Hello! I'm new to the idea of a saltwater aquarium, so looking for some opinions, advice, suggestions... whatever you've got! I'm particularly interested in hearing from anyone who's had experience with both freshwater and saltwater tanks. I had a smallish (15 gallon, I believe) freshwater tank many years ago that I kept up for several years, so I have experience there, but I know next to nothing about saltwater tanks.

We just aquired a large (well, large to me) 33 gallon tank along with a boatload of accessories, water treatments, food, "hospital tank", etc etc. The previous owner was using it as a saltwater tank, and I had originally planned to clean it out in order to convert it to freshwater, since that's what I have experience with. But my husband is really interested in doing a saltwater tank, ever since we saw one in the lobby of the hotel we went to on our last anniversary LOL It was a very nice tank, set up with a Finding Nemo theme (clown fish in an anemone (sp?), "Dory" fish, etc). As a homeschooler, I have to admit the idea of the kids being involved in setting up a real live ecosystem has a lot of appeal, too.

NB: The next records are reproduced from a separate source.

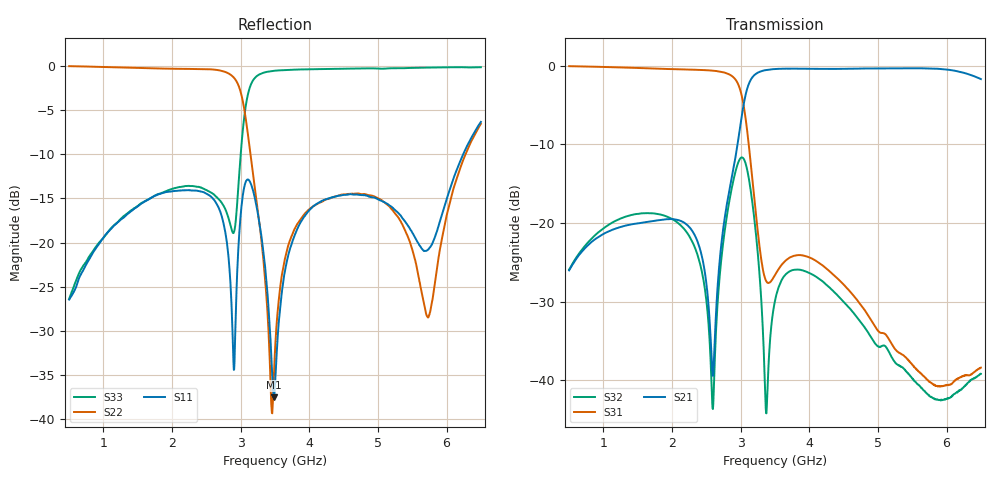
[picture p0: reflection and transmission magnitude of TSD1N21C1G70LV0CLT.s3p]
# MHZ S RI R 50
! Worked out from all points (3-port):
!   1201 points, 500 MHz to 6.5 GHz, reference 50 ohm
!   strongest paths, dB at 500 MHz, 2 GHz, 3.5 GHz, 5 GHz, 6.5 GHz:
!     S21: -26.0, -19.5, -0.4, -0.3, -1.7
!     S31: -0.1, -0.4, -26.6, -33.6, -38.4
!     S32: -25.9, -19.5, -29.9, -35.7, -39.2
!   lowest |S11| = -37.5 dB at 3.485 GHz (marker M1), VSWR 1.03, Z = 50.9 - j1 ohm
!   |S11| at or under -10 dB: start of sweep to 6.242 GHz
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500  -0.0252 -0.0403  0.0139 0.048  0.9369 -0.3314
     0.014 0.0481  0.9074 -0.4169  0.0259 0.0435
     0.9367 -0.3307  0.0257 0.0436  -0.00218 -0.0478
2090  -0.0104 0.1966  0.0693 0.0782  -0.0791 -0.9459
      0.0695 0.0781  -0.1983 -0.944  0.0615 -0.0788
      -0.0785 -0.9458  0.0614 -0.0787  -0.0337 -0.2028
2595  0.1774 -0.00458  -0.00351 0.01  -0.7006 -0.6122
      -0.0036 0.0101  -0.665 -0.6872  0.00604 -0.00251
      -0.7005 -0.612  0.00608 -0.0025  -0.000431 -0.189
2990  0.082 0.0995  -0.4004 0.0586  -0.5484 0.4498
      -0.4003 0.0579  -0.7026 0.2135  0.1409 -0.2124
      -0.5485 0.4492  0.1407 -0.2139  0.2782 0.036
3370  -0.0199 -0.0606  0.00919 0.938  -0.037 0.0215
      0.00903 0.9388  -0.0349 0.0395  0.00171 0.0061
      -0.0371 0.0215  0.00173 0.00595  0.3987 -0.8342
3485  0.00893 -0.00984  0.2359 0.9211  -0.0451 -0.00598
      0.2354 0.9221  -0.002 -0.0178  0.0257 -0.0148
      -0.0451 -0.00611  0.0256 -0.0149  0.246 -0.9073
3500  0.0144 -0.00573  0.2615 0.9152  -0.046 -0.00845
      0.2609 0.9162  0.000821 -0.0246  0.0268 -0.0175
      -0.046 -0.00855  0.0268 -0.0176  0.2285 -0.9134
4900  0.1135 -0.1408  0.9455 -0.1448  -0.0241 -0.00194
      0.9499 -0.1454  -0.15 -0.1074  -0.0162 -0.00978
      -0.0241 -0.002  -0.0161 -0.00973  -0.7285 -0.6414
5730  0.0888 -0.0202  0.6455 -0.7133  -0.00754 0.00653
      0.6439 -0.7143  -0.00277 0.0375  -0.00815 -0.00085
      -0.00754 0.00653  -0.00807 -0.000819  -0.9082 -0.3694
6500  0.4728 0.0967  -0.0691 -0.8209  0.000706 0.0119
      -0.0726 -0.8191  0.3945 -0.2567  -0.0113 0.00072
      0.00051 0.012  -0.011 0.000599  -0.9461 -0.2748

So I guess, I'm not sure which way to go. What are the pros/cons of a saltwater over a freshwater tank? Are they really difficult to maintain? I rarely had a freshwater fish die on me. The only real stores in my area that sell aquarium/fish supplies are one large and one smaller chain-type pet store. If we decide to go with a saltwater tank, what are some of the things I need to make sure these stores carry? And is there a basic list of what I'd need to get started/what my first steps would be in getting the tank set up and ready for fish?

Thanks so much!


----------



## robertmathern (Aug 3, 2009)

Well first thing you will need to figure out is what type a tank you want as in a reef tank or fish tank. In both you will need some live rock for filtration. I would also consider how you are going to filter the tank sumps are my personal best way to go but you may not have that option. A 33 is to small for a dori but a clown is fine. A nem requires alot of lighting and is not recomended for a beginner.


----------



## *Angie* (Sep 29, 2010)

Thanks for the quick reply!

I know that I don't want to get into anything too complicated to start with. If both options require live rock, what exactly defines a reef tank? And what exactly IS live rock?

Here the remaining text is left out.